Обстановка такая, что тут что-то надо предпринимать, иначе оставишь здесь башку свою. Я так подумал: «Что остается немцам? Ну, бьют они из автоматов по танку. А что ему? Пули отскакивают, да и все. Но они же долго этого делать не будут. У них прямой путь – вылезти наверх, обойти нас и – тра-та-та – как цыплят нас перестрелять».
Тогда принимаю решение – вылезаю на гусеницу, на борт танка. Хорошо, что, когда танк попал в промоину, пушка была немного провернута как раз в ту сторону, где сейчас были немцы. И открытый люк прикрыл меня. Рывком обеими ногами прыгаю в башню! Видимо, иголка, которая в заднице, была мощная! Ну, когда я попал в башню, думаю: «Ребят, теперь мы попыряемся – кто кого». Начал выворачивать пушку на них. В прицел-то мне все видно хорошо, как на ладони.

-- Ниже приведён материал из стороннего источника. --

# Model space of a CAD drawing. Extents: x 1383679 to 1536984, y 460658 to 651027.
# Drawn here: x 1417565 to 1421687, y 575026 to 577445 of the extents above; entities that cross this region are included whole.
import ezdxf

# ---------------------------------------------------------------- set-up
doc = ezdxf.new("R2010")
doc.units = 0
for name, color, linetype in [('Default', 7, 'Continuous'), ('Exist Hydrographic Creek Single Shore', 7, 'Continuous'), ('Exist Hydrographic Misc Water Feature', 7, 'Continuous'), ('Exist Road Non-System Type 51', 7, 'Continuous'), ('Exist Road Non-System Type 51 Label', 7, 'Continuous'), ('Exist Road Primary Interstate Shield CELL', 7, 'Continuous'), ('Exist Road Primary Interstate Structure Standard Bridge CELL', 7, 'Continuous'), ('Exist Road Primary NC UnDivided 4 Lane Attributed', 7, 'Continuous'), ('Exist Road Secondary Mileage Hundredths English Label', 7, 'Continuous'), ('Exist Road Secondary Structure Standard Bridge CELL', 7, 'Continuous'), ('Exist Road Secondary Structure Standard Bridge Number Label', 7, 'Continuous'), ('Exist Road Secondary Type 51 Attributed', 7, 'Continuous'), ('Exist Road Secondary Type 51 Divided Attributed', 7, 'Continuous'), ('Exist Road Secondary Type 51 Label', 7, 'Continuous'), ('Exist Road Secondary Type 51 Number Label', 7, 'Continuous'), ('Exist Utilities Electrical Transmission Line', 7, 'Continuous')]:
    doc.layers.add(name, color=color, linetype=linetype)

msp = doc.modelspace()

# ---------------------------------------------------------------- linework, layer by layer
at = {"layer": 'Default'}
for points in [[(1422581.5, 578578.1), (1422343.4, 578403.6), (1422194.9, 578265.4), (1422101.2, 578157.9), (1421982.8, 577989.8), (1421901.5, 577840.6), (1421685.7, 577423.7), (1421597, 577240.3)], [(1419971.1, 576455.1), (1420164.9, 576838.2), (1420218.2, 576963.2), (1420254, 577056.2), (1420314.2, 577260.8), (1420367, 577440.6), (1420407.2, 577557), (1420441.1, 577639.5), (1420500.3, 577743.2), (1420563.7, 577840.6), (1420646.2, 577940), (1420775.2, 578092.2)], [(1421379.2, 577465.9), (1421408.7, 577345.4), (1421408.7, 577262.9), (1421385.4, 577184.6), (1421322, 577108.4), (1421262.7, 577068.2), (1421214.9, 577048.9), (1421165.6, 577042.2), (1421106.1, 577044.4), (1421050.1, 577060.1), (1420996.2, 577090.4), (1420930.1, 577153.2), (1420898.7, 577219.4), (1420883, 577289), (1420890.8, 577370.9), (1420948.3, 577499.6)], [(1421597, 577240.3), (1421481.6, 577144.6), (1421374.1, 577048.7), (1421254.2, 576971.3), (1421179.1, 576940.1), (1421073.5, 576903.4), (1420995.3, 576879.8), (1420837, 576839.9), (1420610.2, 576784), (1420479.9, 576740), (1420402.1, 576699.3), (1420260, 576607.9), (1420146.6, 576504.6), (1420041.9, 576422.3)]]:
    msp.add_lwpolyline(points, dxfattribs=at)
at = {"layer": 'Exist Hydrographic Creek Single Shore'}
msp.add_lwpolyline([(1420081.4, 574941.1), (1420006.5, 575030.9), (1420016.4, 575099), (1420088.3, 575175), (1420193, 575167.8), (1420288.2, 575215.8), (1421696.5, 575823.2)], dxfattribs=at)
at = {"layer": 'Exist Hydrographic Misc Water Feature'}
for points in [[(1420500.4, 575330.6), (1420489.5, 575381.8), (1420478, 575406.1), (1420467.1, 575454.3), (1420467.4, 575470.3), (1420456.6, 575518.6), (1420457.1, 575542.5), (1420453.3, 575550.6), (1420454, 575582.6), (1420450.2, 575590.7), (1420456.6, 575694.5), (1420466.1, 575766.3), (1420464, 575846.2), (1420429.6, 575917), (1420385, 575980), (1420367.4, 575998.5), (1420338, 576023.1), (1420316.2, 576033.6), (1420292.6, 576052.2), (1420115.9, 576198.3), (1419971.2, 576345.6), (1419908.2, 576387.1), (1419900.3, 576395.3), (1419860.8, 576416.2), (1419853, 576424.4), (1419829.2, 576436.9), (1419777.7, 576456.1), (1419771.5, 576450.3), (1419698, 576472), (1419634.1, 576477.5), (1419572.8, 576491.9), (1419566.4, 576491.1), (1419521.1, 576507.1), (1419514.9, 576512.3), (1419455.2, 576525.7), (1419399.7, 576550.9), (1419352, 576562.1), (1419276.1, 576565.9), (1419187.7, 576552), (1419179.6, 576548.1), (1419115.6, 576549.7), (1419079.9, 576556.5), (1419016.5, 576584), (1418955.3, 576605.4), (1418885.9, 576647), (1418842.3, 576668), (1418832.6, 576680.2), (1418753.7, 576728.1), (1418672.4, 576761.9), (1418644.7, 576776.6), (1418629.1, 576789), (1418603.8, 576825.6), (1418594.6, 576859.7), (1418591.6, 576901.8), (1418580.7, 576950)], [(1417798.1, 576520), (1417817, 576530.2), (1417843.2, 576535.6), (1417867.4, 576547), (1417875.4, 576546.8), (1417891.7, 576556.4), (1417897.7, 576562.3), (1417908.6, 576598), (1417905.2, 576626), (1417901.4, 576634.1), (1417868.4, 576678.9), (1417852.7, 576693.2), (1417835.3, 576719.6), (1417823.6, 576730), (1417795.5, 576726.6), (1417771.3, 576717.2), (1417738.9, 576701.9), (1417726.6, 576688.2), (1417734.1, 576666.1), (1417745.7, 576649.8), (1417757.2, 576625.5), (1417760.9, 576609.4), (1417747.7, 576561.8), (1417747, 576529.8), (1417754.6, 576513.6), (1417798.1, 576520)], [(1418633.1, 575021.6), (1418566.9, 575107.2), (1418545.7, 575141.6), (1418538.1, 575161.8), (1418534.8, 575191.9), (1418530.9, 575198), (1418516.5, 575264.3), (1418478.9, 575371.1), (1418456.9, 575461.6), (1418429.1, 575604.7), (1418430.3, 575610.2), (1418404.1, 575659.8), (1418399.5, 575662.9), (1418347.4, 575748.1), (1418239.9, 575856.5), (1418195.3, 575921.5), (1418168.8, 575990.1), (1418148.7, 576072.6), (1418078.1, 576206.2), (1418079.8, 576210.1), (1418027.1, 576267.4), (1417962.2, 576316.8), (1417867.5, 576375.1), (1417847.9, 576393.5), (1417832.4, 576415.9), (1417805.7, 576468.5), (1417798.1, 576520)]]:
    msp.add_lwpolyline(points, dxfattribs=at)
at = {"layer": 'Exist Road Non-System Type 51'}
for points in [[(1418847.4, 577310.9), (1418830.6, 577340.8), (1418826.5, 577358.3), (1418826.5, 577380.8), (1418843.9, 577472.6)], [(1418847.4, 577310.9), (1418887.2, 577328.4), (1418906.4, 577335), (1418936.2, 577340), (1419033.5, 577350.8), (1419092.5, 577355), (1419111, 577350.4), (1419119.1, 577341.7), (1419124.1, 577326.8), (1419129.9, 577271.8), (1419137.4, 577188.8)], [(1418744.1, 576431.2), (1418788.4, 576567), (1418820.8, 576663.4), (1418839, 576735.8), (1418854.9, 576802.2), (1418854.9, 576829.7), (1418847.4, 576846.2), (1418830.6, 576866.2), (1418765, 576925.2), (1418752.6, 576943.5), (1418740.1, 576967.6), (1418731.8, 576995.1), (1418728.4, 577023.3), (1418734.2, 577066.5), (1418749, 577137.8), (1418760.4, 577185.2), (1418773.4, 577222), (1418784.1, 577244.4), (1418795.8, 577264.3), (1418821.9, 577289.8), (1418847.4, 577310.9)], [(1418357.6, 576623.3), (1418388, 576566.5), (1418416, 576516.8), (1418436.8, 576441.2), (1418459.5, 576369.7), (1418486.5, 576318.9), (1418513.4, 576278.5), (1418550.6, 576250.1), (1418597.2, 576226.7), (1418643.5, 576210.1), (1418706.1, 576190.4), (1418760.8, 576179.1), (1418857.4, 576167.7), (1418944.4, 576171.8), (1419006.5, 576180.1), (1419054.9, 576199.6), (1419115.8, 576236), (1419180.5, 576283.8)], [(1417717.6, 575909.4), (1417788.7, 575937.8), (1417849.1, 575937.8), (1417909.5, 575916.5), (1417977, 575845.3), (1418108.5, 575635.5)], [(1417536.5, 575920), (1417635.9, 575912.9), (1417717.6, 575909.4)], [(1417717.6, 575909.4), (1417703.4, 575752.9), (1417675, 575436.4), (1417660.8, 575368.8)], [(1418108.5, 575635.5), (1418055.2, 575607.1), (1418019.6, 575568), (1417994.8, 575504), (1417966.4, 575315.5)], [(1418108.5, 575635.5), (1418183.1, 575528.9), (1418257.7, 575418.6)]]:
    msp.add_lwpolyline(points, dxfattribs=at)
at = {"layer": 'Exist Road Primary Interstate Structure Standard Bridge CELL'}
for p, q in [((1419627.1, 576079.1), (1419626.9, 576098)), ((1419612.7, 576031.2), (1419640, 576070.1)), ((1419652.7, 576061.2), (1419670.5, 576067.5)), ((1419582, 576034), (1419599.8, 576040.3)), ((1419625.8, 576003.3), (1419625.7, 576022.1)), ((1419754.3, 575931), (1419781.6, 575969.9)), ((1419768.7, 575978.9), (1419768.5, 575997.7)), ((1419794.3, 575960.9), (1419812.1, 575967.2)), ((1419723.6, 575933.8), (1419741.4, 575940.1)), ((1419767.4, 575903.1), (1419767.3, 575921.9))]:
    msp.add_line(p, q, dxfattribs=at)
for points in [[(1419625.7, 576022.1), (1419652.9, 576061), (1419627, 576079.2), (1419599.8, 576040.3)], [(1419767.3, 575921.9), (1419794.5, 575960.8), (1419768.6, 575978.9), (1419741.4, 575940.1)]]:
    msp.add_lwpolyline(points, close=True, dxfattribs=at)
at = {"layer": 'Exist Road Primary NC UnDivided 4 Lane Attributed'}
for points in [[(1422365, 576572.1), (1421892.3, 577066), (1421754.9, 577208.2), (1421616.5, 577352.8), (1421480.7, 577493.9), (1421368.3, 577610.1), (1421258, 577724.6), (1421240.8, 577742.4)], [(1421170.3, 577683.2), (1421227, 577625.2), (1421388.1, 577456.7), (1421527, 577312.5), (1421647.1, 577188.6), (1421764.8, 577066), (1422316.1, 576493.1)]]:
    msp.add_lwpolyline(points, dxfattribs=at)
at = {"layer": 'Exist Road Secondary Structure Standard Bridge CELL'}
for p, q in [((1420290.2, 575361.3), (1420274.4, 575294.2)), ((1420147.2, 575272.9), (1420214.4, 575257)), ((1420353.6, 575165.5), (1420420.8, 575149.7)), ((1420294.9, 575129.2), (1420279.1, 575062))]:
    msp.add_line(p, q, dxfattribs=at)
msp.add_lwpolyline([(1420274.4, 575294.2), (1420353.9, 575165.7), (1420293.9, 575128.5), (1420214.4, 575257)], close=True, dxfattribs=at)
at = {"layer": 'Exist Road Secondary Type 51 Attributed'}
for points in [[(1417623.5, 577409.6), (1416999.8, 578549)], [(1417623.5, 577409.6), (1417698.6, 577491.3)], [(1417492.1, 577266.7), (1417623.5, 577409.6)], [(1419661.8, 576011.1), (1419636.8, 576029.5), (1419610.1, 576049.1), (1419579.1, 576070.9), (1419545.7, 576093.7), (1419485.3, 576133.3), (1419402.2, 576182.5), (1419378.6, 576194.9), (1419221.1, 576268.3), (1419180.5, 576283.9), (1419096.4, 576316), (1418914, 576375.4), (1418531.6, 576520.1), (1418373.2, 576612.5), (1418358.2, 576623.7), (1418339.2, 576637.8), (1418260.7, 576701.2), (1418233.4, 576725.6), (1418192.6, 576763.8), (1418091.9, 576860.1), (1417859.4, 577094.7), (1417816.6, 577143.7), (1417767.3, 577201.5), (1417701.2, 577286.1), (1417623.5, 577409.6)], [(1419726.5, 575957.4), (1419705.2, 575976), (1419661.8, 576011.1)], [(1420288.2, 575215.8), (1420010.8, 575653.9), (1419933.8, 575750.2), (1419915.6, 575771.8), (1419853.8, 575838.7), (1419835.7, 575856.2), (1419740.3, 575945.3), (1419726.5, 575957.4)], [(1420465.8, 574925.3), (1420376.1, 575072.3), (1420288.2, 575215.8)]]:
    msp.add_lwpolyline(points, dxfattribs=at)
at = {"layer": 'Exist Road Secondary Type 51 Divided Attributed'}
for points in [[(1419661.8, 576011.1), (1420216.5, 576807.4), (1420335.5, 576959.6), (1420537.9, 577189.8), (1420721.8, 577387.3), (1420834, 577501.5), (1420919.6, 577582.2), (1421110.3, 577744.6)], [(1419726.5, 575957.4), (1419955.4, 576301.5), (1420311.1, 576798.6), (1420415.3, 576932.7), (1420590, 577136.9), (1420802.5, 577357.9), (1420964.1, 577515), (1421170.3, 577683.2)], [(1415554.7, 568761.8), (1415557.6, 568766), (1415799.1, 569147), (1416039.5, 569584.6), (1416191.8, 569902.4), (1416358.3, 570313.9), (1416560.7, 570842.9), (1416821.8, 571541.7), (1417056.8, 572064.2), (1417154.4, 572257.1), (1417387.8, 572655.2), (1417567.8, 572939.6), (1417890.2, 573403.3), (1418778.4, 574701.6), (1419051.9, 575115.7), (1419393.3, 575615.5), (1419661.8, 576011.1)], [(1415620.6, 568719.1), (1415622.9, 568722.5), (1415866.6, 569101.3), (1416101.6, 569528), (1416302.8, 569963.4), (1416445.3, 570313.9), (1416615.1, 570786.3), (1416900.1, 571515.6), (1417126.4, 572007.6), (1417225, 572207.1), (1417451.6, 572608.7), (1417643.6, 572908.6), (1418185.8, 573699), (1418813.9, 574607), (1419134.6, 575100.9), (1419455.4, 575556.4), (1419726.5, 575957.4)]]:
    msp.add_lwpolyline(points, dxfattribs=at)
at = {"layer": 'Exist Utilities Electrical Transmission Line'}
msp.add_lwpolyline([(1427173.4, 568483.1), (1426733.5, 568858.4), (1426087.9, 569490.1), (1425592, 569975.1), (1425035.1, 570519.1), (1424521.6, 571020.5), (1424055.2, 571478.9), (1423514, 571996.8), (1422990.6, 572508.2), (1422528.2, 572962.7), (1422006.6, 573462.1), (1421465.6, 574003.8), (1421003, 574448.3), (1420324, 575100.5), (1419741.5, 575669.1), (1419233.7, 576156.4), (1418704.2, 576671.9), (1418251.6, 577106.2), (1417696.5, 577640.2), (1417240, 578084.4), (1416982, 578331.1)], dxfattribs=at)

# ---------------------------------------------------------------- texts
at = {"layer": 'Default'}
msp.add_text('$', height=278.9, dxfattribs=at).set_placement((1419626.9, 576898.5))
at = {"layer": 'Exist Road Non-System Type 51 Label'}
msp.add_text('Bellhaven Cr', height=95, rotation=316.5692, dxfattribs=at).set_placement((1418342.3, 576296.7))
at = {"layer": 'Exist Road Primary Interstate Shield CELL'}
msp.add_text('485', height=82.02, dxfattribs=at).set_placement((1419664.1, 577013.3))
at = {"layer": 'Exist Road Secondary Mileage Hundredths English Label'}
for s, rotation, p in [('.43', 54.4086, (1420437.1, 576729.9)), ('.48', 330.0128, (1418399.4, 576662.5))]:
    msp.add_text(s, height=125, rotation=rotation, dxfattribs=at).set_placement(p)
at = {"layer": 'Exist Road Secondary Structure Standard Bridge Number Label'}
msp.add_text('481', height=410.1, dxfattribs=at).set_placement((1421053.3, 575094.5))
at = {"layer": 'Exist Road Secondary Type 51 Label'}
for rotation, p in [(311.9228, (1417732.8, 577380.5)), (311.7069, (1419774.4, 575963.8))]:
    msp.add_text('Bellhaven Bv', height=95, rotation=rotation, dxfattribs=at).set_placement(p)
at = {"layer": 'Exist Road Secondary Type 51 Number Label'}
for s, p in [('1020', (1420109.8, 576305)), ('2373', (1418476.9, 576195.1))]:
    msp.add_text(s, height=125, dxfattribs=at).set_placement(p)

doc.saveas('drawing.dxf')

Кинулись они наверх вылезать из промоины. А тут сугроб и татарник растет, как все равно рощица. Они тоже дурака сваляли – ринулись в этот сугроб, как по команде, кучей. Я смотрю в прицел – вот они. Ну, я осколочный снаряд загнал и в самую серединку этой кучи шарахнул, а потом уже из пулемета прошелся. Ну, все, говорю, ребята, извините, у меня другого выхода не было.
Вроде затихло все. Плацдарм мы уничтожили. Пришла пехота, помогла срыть склон. Двумя танками мой вытащили. У нас передышечка небольшая, а жрать охота ужасно. Молодые. Кухня не всегда нас найдет. Другой раз по двое суток не жрамши приходилось быть. На морозе там этот их хлеб немецкий, который они еще с 37-го года готовили, замерзнет – его двухручной пилой пилим. Кусок в рот положишь, как все равно мороженое. Это сейчас смешно, а тогда не смешно было.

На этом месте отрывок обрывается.